Marques Carolina S, Dufourq Emmanuel, Pereira Soraia, Santos Vanda F, Malafaia Elisabete
Centro de Estatística e Aplicações, Faculdade de Ciências, Universidade de Lisboa, Lisboa, Portugal.
African Institute for Mathematical Sciences, Muizenberg, South Africa.
PeerJ. 2025 Mar 26;13:e19116. doi: 10.7717/peerj.19116. eCollection 2025.

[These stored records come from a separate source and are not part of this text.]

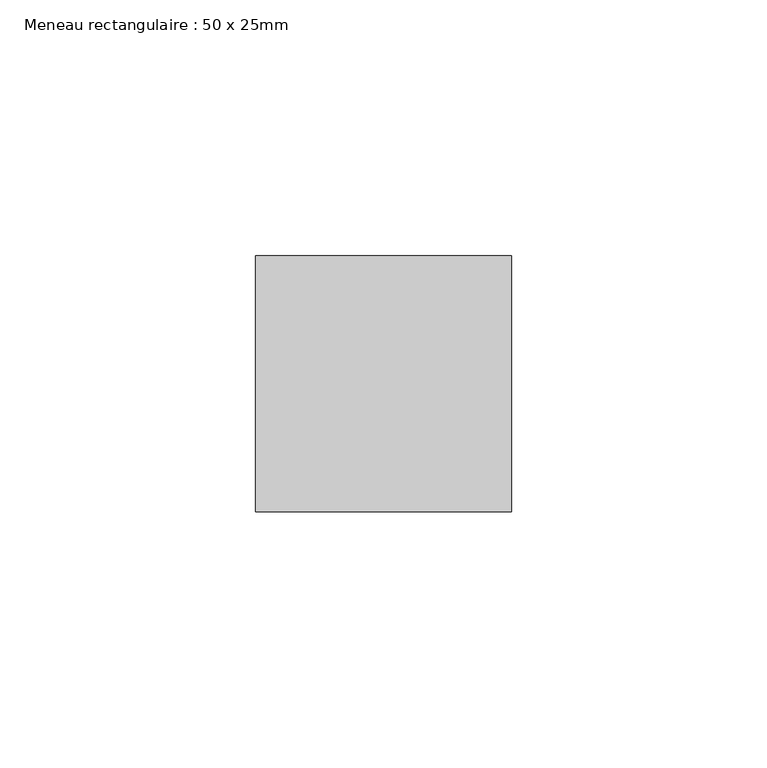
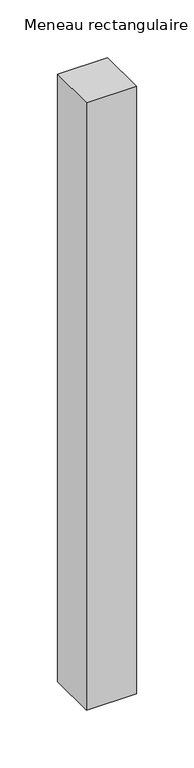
"""IFC4 building model written with IfcOpenShell, lengths in millimetres: member geometry, Meneau rectangulaire : 50 x 25mm."""

from ifc_helpers import new_model, si_unit, frame, origin, place, context, project, spatial, polyline, outline, extrude, source, transform, mapped, element, save


def meneau_rectangulaire_50_x_25mm_d6d50710(model_context):
    return source(origin(), model_context, "Body", "SweptSolid", [
        extrude(outline(polyline([(0.0, 0.0), (0.0, -50.0), (-50.0, -50.0), (-50.0, 0.0), (0.0, 0.0)])), frame((0.0, 0.0, -642.5269779), z_axis=(0.0, 0.0, 1.0), x_axis=(1.0, 0.0, 0.0)), (0.0, 0.0, 1.0), 642.5269779),
    ])


if __name__ == "__main__":
    model = new_model("IFC4")
    model_context = context("Model", 3, world=origin())
    ifc_project = project(units=[si_unit("LENGTHUNIT", "METRE", prefix="MILLI")], contexts=[model_context])
    site = spatial("IfcSite", under=ifc_project)
    building = spatial("IfcBuilding", under=site)
    placement = place(None, origin())
    meneau_rectangulaire_50_x_25mm_shape = meneau_rectangulaire_50_x_25mm_d6d50710(model_context)
    element("IfcMember", 1, ObjectType="Meneau rectangulaire : 50 x 25mm", at=placement, inside=building, context=model_context, shape_type="MappedRepresentation", body=[
        mapped(meneau_rectangulaire_50_x_25mm_shape, transform((0.0, 0.0, 0.0), x_axis=(1.0, 0.0, 0.0), y_axis=(0.0, 1.0, 0.0), z_axis=(0.0, 0.0, 1.0))),
    ])
    save(model, "model.ifc")

Classifying objects, such as taxonomic identification of fossils based on morphometric variables, is a time-consuming process. This task is further complicated by intra-class variability, which makes it ideal for automation via machine learning (ML) techniques. In this study, we compared six different ML techniques based on datasets with morphometric features used to classify isolated theropod teeth at both genus and higher taxonomic levels. Our model also intends to differentiate teeth from different positions on the tooth row (, lateral, mesial). These datasets present different challenges like over-representation of certain classes and missing measurements. Given the class imbalance, we evaluate the effect of different standardization and oversampling techniques on the classification process for different classification models. The obtained results show that some classification models are more sensitive to class imbalance than others. This study presents a novel comparative analysis of multi-class classification methods for theropod teeth, evaluating their performance across varying taxonomic levels and dataset balancing techniques. The aim of this study is to evaluate which ML methods are more suitable for the classification of isolated theropod teeth, providing recommendations on how to deal with imbalanced datasets using different standardization, oversampling, and classification tools. The trained models and applied standardizations are made publicly available, providing a resource for future studies to classify isolated theropod teeth. This open-access methodology will enable more reliable cross-study comparisons of fossil records.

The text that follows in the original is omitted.